她本是石崇府中最不起眼的乐师,却因天资聪颖,被石崇最宠爱的绿珠收为弟子,悉心教导。

石崇死后,他那富可敌国的家业,便也分崩离析。

石崇无子,他的一部分產业,居然被绿珠的弟弟和宋禕继承下来。

渤海石氏可不是什么士族,而是暴富起家的豪族。

第一代是石苞,当初在鄴城做卖铁的小生意。

后面生意越做越大,到了长安卖铁,被司马师提拔专门经营產业。

就这么一个商人,却得到了司马师的信任,不断坐大。

石苞有五个儿子,其中之一就是石崇,就是那个因为斗富而闻名的石崇。

而前段时间从洛阳跑了的石超,是石崇的侄儿。

渤海石氏,虽然当过大官的不少,但是大部分都死了,何况现在司马越掌权,渤海石氏却和司马颖不清不楚的。

站错队的代价,是个人都知道。

而渤海石氏的生意大头,一直都在河北,现在通往河北的水路基本上都被军方徵用了。

平日里打点上下也可以走一走,可是因为石超的关係。

就算打点也没有人敢收,此前宋禕的靠山是琅琊王氏。

因为石崇和琅琊王氏的王敦交好,可是现在大战在即,人人都要和石氏撇清关係。

於是她所有的船队,都被死死地卡在了洛阳的各个码头。

当然也不是全部都是因为政治原因,有些地方单纯是管理混乱,军用的船只堆满了。

对於商人来说,货物堆积一天,就要亏损一天。

唯一的例外,便是城西的张华渠。

传闻在那个新任的度支校尉刘奚手下,那里的船,走得飞快,日夜不息,无人敢拦。

“刘奚。
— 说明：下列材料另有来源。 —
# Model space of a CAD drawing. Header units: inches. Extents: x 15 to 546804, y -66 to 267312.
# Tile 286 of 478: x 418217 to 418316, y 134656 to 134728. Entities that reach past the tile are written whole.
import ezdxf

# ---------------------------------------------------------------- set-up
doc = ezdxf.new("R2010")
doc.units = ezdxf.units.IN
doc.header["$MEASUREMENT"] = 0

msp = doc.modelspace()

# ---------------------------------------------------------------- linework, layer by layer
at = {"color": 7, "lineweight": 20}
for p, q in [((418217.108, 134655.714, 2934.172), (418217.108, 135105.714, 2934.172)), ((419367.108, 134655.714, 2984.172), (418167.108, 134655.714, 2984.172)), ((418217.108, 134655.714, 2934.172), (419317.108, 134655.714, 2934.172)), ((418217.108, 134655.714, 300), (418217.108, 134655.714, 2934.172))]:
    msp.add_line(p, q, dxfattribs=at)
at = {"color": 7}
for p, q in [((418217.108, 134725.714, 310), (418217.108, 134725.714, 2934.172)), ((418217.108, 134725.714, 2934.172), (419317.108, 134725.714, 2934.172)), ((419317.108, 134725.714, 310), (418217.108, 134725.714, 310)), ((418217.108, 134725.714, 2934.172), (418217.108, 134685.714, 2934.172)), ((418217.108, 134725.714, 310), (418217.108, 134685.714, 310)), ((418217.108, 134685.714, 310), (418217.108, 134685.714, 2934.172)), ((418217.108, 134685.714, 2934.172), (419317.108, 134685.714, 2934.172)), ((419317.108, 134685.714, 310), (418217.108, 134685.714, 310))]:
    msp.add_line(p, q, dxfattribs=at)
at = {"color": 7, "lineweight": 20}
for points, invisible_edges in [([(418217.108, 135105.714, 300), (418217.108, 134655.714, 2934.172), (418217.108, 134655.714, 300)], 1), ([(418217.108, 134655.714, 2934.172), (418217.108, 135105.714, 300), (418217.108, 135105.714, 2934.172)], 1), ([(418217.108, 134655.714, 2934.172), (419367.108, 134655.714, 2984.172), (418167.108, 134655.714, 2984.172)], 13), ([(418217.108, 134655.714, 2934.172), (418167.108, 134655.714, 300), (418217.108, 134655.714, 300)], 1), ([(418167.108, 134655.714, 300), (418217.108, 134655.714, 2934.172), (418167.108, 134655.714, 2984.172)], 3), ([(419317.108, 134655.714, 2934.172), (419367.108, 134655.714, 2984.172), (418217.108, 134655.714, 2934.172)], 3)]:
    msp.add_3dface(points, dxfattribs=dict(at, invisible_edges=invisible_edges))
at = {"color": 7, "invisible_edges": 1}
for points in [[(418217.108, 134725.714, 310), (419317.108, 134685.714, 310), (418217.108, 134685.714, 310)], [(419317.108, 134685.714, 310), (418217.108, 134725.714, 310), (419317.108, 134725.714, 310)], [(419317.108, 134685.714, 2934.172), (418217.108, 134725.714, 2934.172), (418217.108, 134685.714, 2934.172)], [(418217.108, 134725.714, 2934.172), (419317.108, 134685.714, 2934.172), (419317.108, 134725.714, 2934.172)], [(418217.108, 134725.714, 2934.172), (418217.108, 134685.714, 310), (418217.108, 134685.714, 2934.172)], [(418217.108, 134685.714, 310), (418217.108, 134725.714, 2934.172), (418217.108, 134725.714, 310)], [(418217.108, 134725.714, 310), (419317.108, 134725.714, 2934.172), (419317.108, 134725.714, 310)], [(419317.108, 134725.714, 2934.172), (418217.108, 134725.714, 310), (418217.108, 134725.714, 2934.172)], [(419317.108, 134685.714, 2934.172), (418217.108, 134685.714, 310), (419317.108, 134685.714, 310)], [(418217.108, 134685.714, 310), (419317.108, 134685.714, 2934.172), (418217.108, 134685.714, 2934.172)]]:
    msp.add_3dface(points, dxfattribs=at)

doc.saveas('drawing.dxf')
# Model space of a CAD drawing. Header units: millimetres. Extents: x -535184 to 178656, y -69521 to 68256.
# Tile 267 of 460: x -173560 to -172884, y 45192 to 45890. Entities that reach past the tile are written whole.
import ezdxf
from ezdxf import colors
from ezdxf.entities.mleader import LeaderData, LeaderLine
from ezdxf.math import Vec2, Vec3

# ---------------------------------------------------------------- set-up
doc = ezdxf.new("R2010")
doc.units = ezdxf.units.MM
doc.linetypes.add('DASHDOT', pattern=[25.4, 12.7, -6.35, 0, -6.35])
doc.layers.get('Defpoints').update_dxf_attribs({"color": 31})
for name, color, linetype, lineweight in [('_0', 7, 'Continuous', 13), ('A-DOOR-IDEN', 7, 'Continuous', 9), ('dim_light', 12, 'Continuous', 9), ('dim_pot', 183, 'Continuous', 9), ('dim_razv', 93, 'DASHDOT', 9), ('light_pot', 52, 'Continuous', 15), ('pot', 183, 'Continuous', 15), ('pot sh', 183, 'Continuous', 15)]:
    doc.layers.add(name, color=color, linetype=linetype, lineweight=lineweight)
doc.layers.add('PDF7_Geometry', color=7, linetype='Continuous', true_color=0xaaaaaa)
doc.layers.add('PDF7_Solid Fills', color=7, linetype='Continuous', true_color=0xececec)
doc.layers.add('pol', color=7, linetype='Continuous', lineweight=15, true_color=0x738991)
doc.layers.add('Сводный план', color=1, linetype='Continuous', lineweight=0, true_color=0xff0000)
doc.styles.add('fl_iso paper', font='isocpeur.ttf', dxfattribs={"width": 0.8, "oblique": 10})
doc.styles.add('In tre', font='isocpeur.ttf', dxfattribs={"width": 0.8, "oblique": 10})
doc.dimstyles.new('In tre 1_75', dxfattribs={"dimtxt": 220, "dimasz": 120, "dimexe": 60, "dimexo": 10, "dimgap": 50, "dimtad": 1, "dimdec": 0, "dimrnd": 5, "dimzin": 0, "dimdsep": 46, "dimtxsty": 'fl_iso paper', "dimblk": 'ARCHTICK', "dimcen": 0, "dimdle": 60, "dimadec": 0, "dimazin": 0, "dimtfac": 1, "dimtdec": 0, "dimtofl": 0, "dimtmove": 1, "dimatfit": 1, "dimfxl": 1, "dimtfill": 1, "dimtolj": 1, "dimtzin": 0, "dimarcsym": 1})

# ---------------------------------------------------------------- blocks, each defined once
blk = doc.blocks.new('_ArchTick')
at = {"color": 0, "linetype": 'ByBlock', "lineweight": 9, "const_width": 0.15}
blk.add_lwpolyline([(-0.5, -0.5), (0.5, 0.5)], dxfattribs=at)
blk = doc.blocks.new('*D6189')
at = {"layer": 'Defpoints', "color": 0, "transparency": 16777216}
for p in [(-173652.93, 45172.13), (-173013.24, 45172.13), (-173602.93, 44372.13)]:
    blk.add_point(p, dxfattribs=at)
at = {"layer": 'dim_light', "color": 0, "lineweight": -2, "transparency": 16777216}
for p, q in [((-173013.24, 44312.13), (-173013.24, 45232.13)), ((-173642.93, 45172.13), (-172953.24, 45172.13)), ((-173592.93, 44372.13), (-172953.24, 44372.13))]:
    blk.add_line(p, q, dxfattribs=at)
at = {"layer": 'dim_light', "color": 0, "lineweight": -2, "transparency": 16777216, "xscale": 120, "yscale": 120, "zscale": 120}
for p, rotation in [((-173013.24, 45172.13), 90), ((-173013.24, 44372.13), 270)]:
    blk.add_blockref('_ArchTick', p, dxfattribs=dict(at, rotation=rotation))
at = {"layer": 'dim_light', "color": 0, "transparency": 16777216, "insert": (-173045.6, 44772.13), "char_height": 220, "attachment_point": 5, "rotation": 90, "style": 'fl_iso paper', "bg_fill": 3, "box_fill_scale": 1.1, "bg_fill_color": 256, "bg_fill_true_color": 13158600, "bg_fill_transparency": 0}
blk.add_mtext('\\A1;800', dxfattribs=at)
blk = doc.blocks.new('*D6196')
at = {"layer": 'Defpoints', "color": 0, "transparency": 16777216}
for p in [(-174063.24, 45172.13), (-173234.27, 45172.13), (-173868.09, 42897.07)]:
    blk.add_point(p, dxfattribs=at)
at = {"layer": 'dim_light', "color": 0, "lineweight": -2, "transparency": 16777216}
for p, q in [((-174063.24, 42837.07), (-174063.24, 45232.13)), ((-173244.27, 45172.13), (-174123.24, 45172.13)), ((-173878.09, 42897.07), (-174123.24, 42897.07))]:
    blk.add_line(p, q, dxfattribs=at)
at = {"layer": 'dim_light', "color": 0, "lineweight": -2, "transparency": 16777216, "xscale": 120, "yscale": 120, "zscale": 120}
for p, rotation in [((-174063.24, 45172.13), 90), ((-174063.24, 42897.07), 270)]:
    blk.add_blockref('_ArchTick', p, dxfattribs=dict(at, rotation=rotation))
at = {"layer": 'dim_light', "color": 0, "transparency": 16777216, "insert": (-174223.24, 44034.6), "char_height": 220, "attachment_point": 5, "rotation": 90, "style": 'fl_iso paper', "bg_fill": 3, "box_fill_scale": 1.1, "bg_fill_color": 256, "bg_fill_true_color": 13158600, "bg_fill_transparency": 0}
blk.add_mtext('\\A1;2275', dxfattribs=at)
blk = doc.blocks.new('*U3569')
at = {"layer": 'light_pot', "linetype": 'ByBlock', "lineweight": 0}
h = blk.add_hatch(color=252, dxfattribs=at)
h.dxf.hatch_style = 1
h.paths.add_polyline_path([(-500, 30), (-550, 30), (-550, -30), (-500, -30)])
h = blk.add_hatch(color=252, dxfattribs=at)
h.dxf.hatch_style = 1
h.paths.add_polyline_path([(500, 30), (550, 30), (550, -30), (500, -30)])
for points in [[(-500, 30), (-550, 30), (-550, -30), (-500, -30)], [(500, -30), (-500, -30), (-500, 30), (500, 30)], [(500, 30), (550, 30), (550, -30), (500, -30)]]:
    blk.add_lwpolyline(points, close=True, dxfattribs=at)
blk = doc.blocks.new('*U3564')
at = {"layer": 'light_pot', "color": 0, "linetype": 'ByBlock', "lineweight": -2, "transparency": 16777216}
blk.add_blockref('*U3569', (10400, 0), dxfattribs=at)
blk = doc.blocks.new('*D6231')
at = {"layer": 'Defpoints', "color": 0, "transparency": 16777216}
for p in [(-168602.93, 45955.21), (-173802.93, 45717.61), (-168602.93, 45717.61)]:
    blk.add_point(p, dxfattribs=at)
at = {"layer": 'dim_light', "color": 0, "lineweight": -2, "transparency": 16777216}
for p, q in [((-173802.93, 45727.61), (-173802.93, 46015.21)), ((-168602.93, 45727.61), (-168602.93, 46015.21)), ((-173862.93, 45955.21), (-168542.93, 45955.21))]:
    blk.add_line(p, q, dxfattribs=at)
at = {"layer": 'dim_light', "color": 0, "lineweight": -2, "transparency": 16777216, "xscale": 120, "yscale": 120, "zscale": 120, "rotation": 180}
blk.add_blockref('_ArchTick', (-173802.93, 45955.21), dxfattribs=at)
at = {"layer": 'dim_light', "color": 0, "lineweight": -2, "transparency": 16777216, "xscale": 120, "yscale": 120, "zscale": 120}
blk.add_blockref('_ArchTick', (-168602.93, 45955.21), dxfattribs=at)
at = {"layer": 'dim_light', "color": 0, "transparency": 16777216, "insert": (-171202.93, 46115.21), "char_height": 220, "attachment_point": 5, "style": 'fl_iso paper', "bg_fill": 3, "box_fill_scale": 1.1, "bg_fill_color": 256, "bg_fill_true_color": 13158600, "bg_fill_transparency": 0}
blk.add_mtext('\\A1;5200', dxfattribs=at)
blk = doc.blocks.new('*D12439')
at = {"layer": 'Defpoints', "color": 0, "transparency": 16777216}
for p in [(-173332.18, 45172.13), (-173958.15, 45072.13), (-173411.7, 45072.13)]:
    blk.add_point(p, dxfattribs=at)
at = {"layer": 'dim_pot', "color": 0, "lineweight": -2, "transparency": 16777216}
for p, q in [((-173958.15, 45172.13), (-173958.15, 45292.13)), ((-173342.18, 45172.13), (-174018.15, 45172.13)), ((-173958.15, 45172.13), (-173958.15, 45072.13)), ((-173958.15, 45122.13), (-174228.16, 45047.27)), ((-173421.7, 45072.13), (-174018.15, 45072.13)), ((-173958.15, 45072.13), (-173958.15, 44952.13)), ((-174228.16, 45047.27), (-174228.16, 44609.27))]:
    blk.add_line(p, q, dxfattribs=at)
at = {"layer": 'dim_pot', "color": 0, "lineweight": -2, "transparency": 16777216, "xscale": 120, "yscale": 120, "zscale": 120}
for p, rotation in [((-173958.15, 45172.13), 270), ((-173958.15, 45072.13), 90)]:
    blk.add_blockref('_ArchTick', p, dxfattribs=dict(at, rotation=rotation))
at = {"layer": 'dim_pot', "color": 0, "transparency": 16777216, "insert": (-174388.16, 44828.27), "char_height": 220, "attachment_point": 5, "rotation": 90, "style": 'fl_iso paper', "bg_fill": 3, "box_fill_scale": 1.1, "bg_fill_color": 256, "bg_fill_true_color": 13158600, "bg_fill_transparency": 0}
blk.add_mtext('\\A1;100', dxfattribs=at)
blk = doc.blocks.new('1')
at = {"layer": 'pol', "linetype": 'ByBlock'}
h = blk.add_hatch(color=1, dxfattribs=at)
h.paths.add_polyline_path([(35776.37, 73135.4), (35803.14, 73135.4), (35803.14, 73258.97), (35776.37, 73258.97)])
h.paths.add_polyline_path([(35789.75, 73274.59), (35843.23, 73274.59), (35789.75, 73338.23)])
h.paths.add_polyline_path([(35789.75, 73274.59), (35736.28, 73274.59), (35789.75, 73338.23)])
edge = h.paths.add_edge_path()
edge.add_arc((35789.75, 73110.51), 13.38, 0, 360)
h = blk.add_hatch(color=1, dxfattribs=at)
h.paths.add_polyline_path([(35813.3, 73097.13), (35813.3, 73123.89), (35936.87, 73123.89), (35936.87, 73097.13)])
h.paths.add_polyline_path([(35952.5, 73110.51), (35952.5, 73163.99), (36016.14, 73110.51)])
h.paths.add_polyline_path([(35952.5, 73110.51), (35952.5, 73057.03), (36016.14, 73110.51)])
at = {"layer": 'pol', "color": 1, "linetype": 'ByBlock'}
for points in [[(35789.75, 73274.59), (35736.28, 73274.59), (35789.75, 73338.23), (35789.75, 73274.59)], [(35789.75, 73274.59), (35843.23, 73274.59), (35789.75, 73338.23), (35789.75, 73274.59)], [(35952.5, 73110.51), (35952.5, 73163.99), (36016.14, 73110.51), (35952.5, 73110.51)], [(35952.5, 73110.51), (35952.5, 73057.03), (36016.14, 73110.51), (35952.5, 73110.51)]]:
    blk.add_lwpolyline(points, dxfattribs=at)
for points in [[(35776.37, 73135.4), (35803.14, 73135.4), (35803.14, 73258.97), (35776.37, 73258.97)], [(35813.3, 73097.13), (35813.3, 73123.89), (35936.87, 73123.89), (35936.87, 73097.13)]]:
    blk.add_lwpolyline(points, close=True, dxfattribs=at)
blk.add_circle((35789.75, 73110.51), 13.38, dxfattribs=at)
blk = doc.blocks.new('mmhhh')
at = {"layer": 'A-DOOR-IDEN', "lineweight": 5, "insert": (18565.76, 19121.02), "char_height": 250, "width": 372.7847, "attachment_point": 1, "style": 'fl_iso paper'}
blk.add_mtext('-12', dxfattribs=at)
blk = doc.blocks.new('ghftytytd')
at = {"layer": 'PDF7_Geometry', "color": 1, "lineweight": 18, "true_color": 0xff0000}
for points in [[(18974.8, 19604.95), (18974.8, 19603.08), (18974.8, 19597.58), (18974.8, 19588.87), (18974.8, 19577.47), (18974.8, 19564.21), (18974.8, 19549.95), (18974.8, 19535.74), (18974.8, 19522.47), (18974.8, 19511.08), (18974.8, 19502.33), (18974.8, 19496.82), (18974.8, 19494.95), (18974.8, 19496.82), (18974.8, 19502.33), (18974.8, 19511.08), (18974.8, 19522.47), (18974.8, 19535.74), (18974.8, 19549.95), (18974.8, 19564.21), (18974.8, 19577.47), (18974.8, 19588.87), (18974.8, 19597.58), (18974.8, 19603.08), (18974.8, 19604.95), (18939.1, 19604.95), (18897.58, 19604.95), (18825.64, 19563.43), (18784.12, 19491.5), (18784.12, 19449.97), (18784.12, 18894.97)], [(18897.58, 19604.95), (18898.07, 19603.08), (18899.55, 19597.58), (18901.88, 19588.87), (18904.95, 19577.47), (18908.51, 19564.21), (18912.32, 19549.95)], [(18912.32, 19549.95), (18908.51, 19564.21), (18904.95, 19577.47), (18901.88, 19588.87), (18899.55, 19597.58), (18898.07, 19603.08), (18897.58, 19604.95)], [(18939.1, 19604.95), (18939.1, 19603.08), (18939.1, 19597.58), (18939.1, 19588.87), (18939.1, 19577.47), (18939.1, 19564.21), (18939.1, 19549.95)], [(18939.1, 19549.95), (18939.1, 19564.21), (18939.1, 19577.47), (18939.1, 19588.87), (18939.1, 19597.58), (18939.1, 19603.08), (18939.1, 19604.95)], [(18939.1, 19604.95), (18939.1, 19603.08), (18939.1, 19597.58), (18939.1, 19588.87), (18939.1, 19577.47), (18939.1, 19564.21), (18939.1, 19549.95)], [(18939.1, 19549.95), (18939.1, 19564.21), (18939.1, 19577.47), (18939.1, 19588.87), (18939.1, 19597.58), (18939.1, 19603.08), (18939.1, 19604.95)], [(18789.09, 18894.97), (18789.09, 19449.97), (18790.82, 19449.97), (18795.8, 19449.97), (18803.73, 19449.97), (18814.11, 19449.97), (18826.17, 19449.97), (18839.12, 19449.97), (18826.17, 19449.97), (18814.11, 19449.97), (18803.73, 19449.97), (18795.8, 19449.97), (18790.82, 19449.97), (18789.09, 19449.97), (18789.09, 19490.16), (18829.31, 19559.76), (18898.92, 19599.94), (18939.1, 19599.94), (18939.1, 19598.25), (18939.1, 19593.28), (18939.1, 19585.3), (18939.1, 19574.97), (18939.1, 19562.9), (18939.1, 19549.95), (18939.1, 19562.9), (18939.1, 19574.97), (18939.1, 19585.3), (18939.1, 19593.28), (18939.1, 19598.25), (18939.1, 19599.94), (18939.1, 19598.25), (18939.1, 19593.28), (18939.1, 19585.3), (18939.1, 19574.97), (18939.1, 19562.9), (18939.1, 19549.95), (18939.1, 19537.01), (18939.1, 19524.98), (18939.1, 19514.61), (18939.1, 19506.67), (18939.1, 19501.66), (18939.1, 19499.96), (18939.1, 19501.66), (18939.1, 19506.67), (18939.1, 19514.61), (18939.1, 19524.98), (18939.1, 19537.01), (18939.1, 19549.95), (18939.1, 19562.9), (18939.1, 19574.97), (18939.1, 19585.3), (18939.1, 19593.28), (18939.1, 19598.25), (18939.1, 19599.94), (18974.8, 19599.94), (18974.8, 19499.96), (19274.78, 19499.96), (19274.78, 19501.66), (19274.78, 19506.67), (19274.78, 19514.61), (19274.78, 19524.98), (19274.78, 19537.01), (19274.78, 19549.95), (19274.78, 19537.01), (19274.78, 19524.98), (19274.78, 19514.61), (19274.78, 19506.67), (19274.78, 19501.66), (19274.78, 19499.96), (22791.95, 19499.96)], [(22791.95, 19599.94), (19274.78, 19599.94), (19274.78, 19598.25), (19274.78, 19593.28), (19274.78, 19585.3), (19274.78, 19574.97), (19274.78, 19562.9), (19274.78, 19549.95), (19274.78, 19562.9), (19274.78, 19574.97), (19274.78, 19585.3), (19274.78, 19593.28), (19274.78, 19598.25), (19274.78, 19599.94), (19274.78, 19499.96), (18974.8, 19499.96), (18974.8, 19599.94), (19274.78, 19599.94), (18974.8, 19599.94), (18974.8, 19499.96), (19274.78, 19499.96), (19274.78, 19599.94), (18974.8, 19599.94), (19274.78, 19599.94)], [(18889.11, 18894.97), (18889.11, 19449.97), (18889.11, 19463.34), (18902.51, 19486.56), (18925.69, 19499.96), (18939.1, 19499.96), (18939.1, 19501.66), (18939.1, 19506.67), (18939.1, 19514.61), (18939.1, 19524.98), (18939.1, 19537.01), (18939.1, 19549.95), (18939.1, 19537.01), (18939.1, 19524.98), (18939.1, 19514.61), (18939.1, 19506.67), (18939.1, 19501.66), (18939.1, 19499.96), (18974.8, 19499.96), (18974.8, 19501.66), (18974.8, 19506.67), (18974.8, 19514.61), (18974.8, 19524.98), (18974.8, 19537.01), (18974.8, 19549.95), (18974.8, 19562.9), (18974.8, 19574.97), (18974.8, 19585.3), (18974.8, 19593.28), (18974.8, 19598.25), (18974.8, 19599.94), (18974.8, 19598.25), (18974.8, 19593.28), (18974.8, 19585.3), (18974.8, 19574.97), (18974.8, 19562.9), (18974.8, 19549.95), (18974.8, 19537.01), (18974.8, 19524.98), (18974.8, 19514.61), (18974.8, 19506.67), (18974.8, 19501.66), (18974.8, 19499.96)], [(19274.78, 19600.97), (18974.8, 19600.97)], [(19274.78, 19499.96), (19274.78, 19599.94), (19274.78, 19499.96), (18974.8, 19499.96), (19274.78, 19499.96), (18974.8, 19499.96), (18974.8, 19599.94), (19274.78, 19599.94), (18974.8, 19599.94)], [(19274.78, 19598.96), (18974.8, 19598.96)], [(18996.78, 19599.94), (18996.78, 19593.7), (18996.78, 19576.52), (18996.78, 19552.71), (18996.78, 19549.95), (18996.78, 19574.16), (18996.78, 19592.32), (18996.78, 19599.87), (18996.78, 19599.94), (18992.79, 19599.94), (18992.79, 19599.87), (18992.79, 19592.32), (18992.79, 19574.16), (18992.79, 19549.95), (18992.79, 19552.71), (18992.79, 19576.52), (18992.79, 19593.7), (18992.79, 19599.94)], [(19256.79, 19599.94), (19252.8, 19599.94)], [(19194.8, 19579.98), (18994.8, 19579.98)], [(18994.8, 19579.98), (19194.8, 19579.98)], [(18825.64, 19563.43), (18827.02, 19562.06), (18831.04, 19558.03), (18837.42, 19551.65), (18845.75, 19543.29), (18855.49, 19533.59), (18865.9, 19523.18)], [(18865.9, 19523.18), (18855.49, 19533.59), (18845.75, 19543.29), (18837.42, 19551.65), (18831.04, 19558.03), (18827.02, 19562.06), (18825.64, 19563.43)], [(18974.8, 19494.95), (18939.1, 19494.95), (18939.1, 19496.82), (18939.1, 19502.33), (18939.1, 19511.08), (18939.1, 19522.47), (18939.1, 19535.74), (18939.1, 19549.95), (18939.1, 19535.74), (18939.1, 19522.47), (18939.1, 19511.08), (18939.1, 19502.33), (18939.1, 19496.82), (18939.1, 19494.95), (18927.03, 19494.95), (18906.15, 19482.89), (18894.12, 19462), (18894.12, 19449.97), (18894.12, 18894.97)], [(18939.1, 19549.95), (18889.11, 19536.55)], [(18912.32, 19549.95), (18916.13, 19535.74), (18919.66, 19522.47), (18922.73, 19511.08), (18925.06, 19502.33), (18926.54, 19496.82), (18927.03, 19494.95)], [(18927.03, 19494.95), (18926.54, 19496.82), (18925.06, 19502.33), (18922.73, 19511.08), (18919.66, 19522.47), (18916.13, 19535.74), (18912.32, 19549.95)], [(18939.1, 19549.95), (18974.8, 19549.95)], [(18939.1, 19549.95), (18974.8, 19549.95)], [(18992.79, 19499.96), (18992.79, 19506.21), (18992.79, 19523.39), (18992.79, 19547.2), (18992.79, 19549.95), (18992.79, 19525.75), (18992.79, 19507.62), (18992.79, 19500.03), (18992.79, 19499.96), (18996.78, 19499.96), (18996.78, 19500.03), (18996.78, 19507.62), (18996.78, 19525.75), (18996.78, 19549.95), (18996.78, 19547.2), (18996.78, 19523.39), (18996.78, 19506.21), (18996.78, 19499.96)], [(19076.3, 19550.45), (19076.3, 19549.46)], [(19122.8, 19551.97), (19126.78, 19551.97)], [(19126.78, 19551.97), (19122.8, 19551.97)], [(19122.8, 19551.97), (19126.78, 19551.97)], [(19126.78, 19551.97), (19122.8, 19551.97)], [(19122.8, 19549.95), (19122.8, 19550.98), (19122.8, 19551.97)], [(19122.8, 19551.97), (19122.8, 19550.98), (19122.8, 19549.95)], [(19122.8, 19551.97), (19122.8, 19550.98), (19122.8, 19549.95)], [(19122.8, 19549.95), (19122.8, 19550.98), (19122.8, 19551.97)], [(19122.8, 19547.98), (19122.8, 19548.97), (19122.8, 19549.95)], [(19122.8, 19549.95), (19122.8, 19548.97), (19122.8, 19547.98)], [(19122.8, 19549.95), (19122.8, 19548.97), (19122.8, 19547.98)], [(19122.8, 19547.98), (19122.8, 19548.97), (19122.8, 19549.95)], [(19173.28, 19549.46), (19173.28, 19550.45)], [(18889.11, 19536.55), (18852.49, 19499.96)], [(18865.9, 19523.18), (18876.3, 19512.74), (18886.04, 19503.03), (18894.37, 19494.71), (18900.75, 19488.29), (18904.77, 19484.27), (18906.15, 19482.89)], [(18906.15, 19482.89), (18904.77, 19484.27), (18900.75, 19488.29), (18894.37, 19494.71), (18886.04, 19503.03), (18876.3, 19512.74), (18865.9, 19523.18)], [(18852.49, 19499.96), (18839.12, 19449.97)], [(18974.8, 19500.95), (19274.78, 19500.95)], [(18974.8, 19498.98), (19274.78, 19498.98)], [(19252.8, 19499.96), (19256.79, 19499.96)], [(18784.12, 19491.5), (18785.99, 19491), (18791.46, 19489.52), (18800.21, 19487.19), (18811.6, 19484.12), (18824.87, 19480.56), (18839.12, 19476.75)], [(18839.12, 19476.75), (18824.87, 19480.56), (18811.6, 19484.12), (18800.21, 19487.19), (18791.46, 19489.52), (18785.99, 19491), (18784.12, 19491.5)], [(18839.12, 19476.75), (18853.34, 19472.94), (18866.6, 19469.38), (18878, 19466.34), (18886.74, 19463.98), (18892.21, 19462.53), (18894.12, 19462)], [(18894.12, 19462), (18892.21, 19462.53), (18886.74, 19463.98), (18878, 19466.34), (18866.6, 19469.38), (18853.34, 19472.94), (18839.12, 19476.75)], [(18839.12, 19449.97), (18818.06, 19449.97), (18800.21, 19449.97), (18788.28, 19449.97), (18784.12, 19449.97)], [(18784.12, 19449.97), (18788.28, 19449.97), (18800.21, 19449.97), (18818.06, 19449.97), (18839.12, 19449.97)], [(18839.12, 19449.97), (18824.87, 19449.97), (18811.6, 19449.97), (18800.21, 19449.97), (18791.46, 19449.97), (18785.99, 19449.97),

”

宋禕口中,再次轻轻念出了这个名字。

旁人或许只知其名,不知其实。

但宋禕又怎么可能不知道,她和白马寺也有生意往来。

她知道,这位新任的校尉,乃是真正的文武全才。

文,能写下那篇惊艷了整个洛阳士林的《大鹏赋》。

武,能以区区数十骑,在河东平定上千胡寇。

她看著窗外,思索片刻。

或许,这是一个破局的机会。

她站起身,方才的烦躁与阴沉一扫而空,取而代之的,是一种自信。

她对门外扬声道:“来人。”

“去府中库房,备一份礼,再备车驾。我要亲自去一趟张华渠,会一会这位刘校尉。”